The pain of paying

Recently, Dan Ariely, Professor of Psychology and Behavioural Economics at Duke University in the US, gave a great talk in London.

28 May 2014

by Viktoria Borsi

He is one of the “Most Influential New Names” according to Bloomberg, a regular contributor at Wired magazine and the author of such bestsellers as The Honest Truth About Dishonesty and Predictably Irrational: The Hidden Forces That Shape Our Decisions. For anyone interested in behavioural sciences, Dan Ariely’s books and essays are a must.

The pain of paying

Behavioural economist Dan Ariely sees underlying patterns in our irrational decisions

Some see his field of behavourial economics as being able to provide insights into how consumers make buying decisions and why they don’t behave in line with their stated brand or price preferences. “Our irrational behaviours are neither random nor senseless – they are systematic,” writes Ariely, who says we can become more aware of the patterns governing our decisions.

He started his talk with a simple question to get us in the right mindset: what is more painful, to pay with cash or a credit card? The audience’s answer was unanimous: cash. Behavioural economists call this the “pain of paying”; it feels “cheaper” to pay with the card because it’s not as tangible as paying by cash.
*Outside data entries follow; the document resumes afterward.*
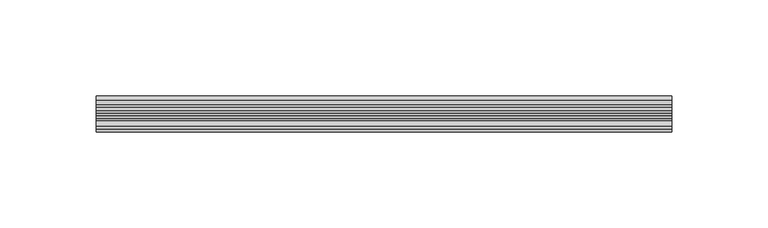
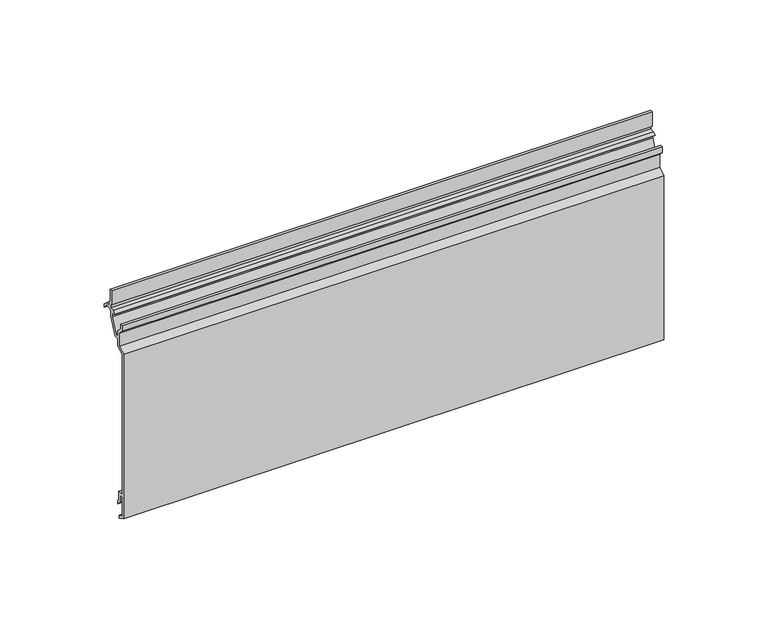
"""IFC4 building model written with IfcOpenShell, lengths in millimetres: plate geometry, FastPlank_P44V-V-Notch-4″-Plank-Horizontal : P44V-V-Notch-4″-Plank-Horizontal."""

import ifcopenshell
import ifcopenshell.guid

model = None  # the IFC model being written
_history = None  # IfcOwnerHistory: only IFC2X3 demands one
_inside = {}  # id of a spatial element -> (the spatial element, [elements in it])
_under = {}  # id of a project, library or spatial element -> (it, [spatial elements below it])
_declared = {}  # id of a project -> (the project, [libraries it declares])
_typed = {}  # id of a type object -> (the type object, [elements of that type])
_made_of = {}  # id of a material, layer set ... -> (it, [elements and type objects made of it])


def new_model(schema):
    """Start an empty IFC model of exactly this schema.

    Asked for "IFC4X3", IfcOpenShell would pick the latest addendum, in which some entities
    have other attributes; the version numbers below select the first issue.
    IFC2X3 requires an IfcOwnerHistory on every rooted entity: one is made here for all.
    """
    global model, _history
    if schema == "IFC4X3":
        model = ifcopenshell.file(schema_version=(4, 3, 0, 0))
    else:
        model = ifcopenshell.file(schema=schema)
    _inside.clear()
    _under.clear()
    _declared.clear()
    _typed.clear()
    _made_of.clear()
    _history = None
    if model.schema == "IFC2X3":
        org = make("IfcOrganization", Name="unknown")
        user = make(
            "IfcPersonAndOrganization",
            ThePerson=make("IfcPerson", FamilyName="unknown"),
            TheOrganization=org,
        )
        app = make(
            "IfcApplication",
            ApplicationDeveloper=org,
            Version="unknown",
            ApplicationFullName="unknown",
            ApplicationIdentifier="unknown",
        )
        _history = make(
            "IfcOwnerHistory",
            OwningUser=user,
            OwningApplication=app,
            ChangeAction="ADDED",
            CreationDate=0,
        )
    return model


def make(cls, **values):
    """One entity of the class cls with the attributes given. An attribute that is None is left unset."""
    return model.create_entity(
        cls, **{name: value for name, value in values.items() if value is not None}
    )


def rooted(cls, **values):
    """An entity with a GlobalId (a new one), such as an element, a storey or a relation."""
    return make(cls, GlobalId=ifcopenshell.guid.new(), OwnerHistory=_history, **values)


def si_unit(unit_type, name, prefix=None):
    """IfcSIUnit, for example si_unit("LENGTHUNIT", "METRE", prefix="MILLI")."""
    return make("IfcSIUnit", UnitType=unit_type, Prefix=prefix, Name=name)


def assignment(units):
    """IfcUnitAssignment: the units of a project."""
    return None if units is None else make("IfcUnitAssignment", Units=units)


def point(xyz):
    """IfcCartesianPoint."""
    return None if xyz is None else make("IfcCartesianPoint", Coordinates=xyz)


def direction(xyz):
    """IfcDirection."""
    return None if xyz is None else make("IfcDirection", DirectionRatios=xyz)


def frame(location, z_axis=None, x_axis=None):
    """IfcAxis2Placement3D, a coordinate frame: its origin and axes. An axis left out is left unset."""
    return make(
        "IfcAxis2Placement3D",
        Location=point(location),
        Axis=direction(z_axis),
        RefDirection=direction(x_axis),
    )


def origin():
    """The frame at (0, 0, 0) with its axes left unset."""
    return frame((0.0, 0.0, 0.0))


def place(relative_to, where):
    """IfcLocalPlacement: puts the frame where relative to a parent placement (None: the world)."""
    return make(
        "IfcLocalPlacement", PlacementRelTo=relative_to, RelativePlacement=where
    )


def context(
    kind, dimensions, precision=None, world=None, true_north=None, identifier=None
):
    """IfcGeometricRepresentationContext, for example the 3D "Model" context."""
    return make(
        "IfcGeometricRepresentationContext",
        ContextIdentifier=identifier,
        ContextType=kind,
        CoordinateSpaceDimension=dimensions,
        Precision=precision,
        WorldCoordinateSystem=world,
        TrueNorth=true_north,
    )


def project(units=None, contexts=None):
    """IfcProject with its units and contexts."""
    return rooted(
        "IfcProject",
        Name="project",
        RepresentationContexts=contexts,
        UnitsInContext=assignment(units),
    )


def spatial(cls, under=None, at=None, **own):
    """A site, building, storey or space (cls), placed at a placement, below another one or the project."""
    s = rooted(cls, ObjectPlacement=at, **own)
    if under is not None:
        _under.setdefault(under.id(), (under, []))[1].append(s)
    return s


def polyline(points):
    """IfcPolyline through the points."""
    return make("IfcPolyline", Points=[point(p) for p in points])


def outline(outer, holes=None, kind="AREA"):
    """IfcArbitraryClosedProfileDef: a profile drawn as a closed curve; with holes, ...WithVoids."""
    if holes is None:
        return make("IfcArbitraryClosedProfileDef", ProfileType=kind, OuterCurve=outer)
    return make(
        "IfcArbitraryProfileDefWithVoids",
        ProfileType=kind,
        OuterCurve=outer,
        InnerCurves=holes,
    )


def extrude(swept, where, along, depth):
    """IfcExtrudedAreaSolid: the profile swept, set in the frame where, extruded along a direction by depth."""
    return make(
        "IfcExtrudedAreaSolid",
        SweptArea=swept,
        Position=where,
        ExtrudedDirection=direction(along),
        Depth=depth,
    )


def shape(context_of_items, identifier, shape_type, items):
    """IfcShapeRepresentation: the items that make up one representation, for example the "Body"."""
    return make(
        "IfcShapeRepresentation",
        ContextOfItems=context_of_items,
        RepresentationIdentifier=identifier,
        RepresentationType=shape_type,
        Items=items,
    )


def source(mapping_origin, context_of_items, identifier, shape_type, items):
    """IfcRepresentationMap: a shape defined once, which mapped items show again and again."""
    return make(
        "IfcRepresentationMap",
        MappingOrigin=mapping_origin,
        MappedRepresentation=shape(context_of_items, identifier, shape_type, items),
    )


def transform(
    local_origin,
    x_axis=None,
    y_axis=None,
    z_axis=None,
    scale=None,
    scale2=None,
    scale3=None,
    uniform=True,
):
    """IfcCartesianTransformationOperator3D, or its non-uniform kind. x_axis, y_axis, z_axis: its Axis1, 2, 3."""
    if uniform:
        return make(
            "IfcCartesianTransformationOperator3D",
            Axis1=direction(x_axis),
            Axis2=direction(y_axis),
            LocalOrigin=point(local_origin),
            Scale=scale,
            Axis3=direction(z_axis),
        )
    return make(
        "IfcCartesianTransformationOperator3DnonUniform",
        Axis1=direction(x_axis),
        Axis2=direction(y_axis),
        LocalOrigin=point(local_origin),
        Scale=scale,
        Axis3=direction(z_axis),
        Scale2=scale2,
        Scale3=scale3,
    )


def mapped(mapping_source, mapping_target):
    """IfcMappedItem: shows the shape of a source again, moved by a transform."""
    return make(
        "IfcMappedItem", MappingSource=mapping_source, MappingTarget=mapping_target
    )


def made_of(thing, what):
    """Note that an element or type object is made of a material, layer set ...; save() writes the relation."""
    if what is not None:
        _made_of.setdefault(what.id(), (what, []))[1].append(thing)
    return thing


def element(
    cls,
    number,
    at=None,
    inside=None,
    cuts=None,
    type_object=None,
    material=None,
    context=None,
    identifier="Body",
    shape_type=None,
    held_by="IfcProductDefinitionShape",
    body=None,
    shapes=None,
    **own,
):
    """One element of the class cls, such as IfcWall. Its Tag is "e" and its number.

    at: its placement. inside: the storey or other place that contains it. cuts: it is an
    opening in that element (IfcRelVoidsElement). A single representation is given by context,
    identifier, shape_type and body (its items); several are given by shapes. held_by: the class
    of the entity that holds the representations. save() writes the other relations.
    """
    e = rooted(cls, Tag="e%d" % number, ObjectPlacement=at, **own)
    if body is not None:
        shapes = [shape(context, identifier, shape_type, body)]
    if shapes is not None:
        e.Representation = make(held_by, Representations=shapes)
    if inside is not None:
        _inside.setdefault(inside.id(), (inside, []))[1].append(e)
    if cuts is not None:
        rooted(
            "IfcRelVoidsElement", RelatingBuildingElement=cuts, RelatedOpeningElement=e
        )
    if type_object is not None:
        _typed.setdefault(type_object.id(), (type_object, []))[1].append(e)
    return made_of(e, material)


def aggregate(whole, parts):
    """IfcRelAggregates: a whole, such as a stair, and the parts it consists of."""
    return rooted("IfcRelAggregates", RelatingObject=whole, RelatedObjects=parts)


def save(model, path):
    """Write the relations noted so far, then the file.

    IfcRelAggregates (storeys below a building ...), IfcRelContainedInSpatialStructure (elements
    in a storey), IfcRelDefinesByType, IfcRelAssociatesMaterial and IfcRelDeclares: one each for
    every whole, place, type object, material and project.
    """
    for whole, parts in _under.values():
        aggregate(whole, parts)
    for where, things in _inside.values():
        rooted(
            "IfcRelContainedInSpatialStructure",
            RelatedElements=things,
            RelatingStructure=where,
        )
    for kind, things in _typed.values():
        rooted("IfcRelDefinesByType", RelatedObjects=things, RelatingType=kind)
    for what, things in _made_of.values():
        rooted("IfcRelAssociatesMaterial", RelatedObjects=things, RelatingMaterial=what)
    for by, libraries in _declared.values():
        rooted("IfcRelDeclares", RelatingContext=by, RelatedDefinitions=libraries)
    model.write(path)


def plate_c9c5d80b(model_context):
    return source(origin(), model_context, "Body", "SweptSolid", [
        extrude(outline(polyline([(-18.8745946, 2.3957023), (-18.8745946, 98.7040846), (-14.7246029, 101.1000834), (-14.7246029, 108.6147973), (-17.3745976, 111.264792), (-17.3745976, 114.5726601), (-15.8746006, 114.5726601), (-15.8746006, 111.8861111), (-13.2246059, 109.2361164), (-13.2246059, 106.0486482), (-11.708109, 106.0486482), (-8.0338609, 114.2522203), (-8.0338609, 116.4558186), (-9.7191932, 116.4558186), (-10.3184198, 117.2227937), (-8.8232117, 118.3909783), (-6.2821578, 118.3909783), (-6.2821578, 120.8578751), (-7.5321553, 120.8578751), (-7.5321553, 129.1909904), (-6.0321583, 129.1909904), (-6.0321583, 122.3427309), (-4.7821608, 121.2437723), (-4.7821608, 118.9150861), (-2.1334241, 118.9150861), (0.0, 117.0394467), (0.0, 114.9213563), (-2.6937325, 117.6150887), (-5.0811989, 117.6150887), (-6.5338639, 116.7763922), (-6.5338639, 113.9609184), (-10.7243127, 104.5739676), (-13.2246059, 104.5739676), (-13.2246059, 100.4649994), (-17.5745972, 97.9535307), (-17.5745972, 15.4863039), (-14.0246043, 15.4863039), (-14.0246043, 10.5877112), (-13.3162936, 9.8794005), (-13.3162936, 7.7608499), (-15.5246013, 9.9691576), (-15.5246013, 13.9827581), (-17.3745976, 13.9827581), (-17.3745976, 3.2617795), (-14.7246029, 1.7319938), (-14.7246029, 0.0), (-18.8745946, 2.3957023)])), frame((-149.8797454, 0.0, 0.0), z_axis=(1.0, 0.0, 0.0), x_axis=(0.0, 1.0, 0.0)), (0.0, 0.0, 1.0), 299.7594908),
    ])


if __name__ == "__main__":
    model = new_model("IFC4")
    model_context = context("Model", 3, world=origin())
    ifc_project = project(units=[si_unit("LENGTHUNIT", "METRE", prefix="MILLI")], contexts=[model_context])
    site = spatial("IfcSite", under=ifc_project)
    building = spatial("IfcBuilding", under=site)
    placement = place(None, origin())
    plate_shape = plate_c9c5d80b(model_context)
    element("IfcPlate", 1, ObjectType="FastPlank_P44V-V-Notch-4″-Plank-Horizontal : P44V-V-Notch-4″-Plank-Horizontal", at=placement, inside=building, context=model_context, shape_type="MappedRepresentation", body=[
        mapped(plate_shape, transform((0.0, 0.0, 0.0), x_axis=(1.0, 0.0, 0.0), y_axis=(0.0, 1.0, 0.0), z_axis=(0.0, 0.0, 1.0))),
    ])
    save(model, "model.ifc")

Now, imagine that you are going on a cruise to the Caribbean. How would you pay for it if you could choose? In advance or just after the trip has ended? The likely answer would be to pay just after you’ve arrived home from your trip, so you’re not paying for something in advance. But how would you feel about your cruise on the last day? Most likely, you wouldn’t be able to concentrate on enjoying it because you would only be thinking of the pending payment when you left the ship.

Therefore, a good exercise to increase the pain of paying and educate yourself to be a better, more self-aware consumer is to use cash and receive notification whenever money is spent. On the other hand, when you’d rather enjoy yourself and don’t want to think about paying, you should use your credit cards and ideally prepay before consumption.

This chimes with the findings of a study in the Journal of Marketing Research a few years ago about buying in a relaxed environment. Having shown hard-sell videos and more calming sales approaches to consumers, researchers at Columbia University found that their more relaxed subjects would pay about 15% more for a variety of goods and services than less-relaxed subjects.

Good customer engagement is all about creating that comfortable space between a brand and its customers. It’s about engaging with the consumer without dominating the conversation. As Ariely writes in Predictably Irrational: “Without constant suspicion, we can get more out of our exchanges with others while spending less time making sure that others will fulfil their promise to us.”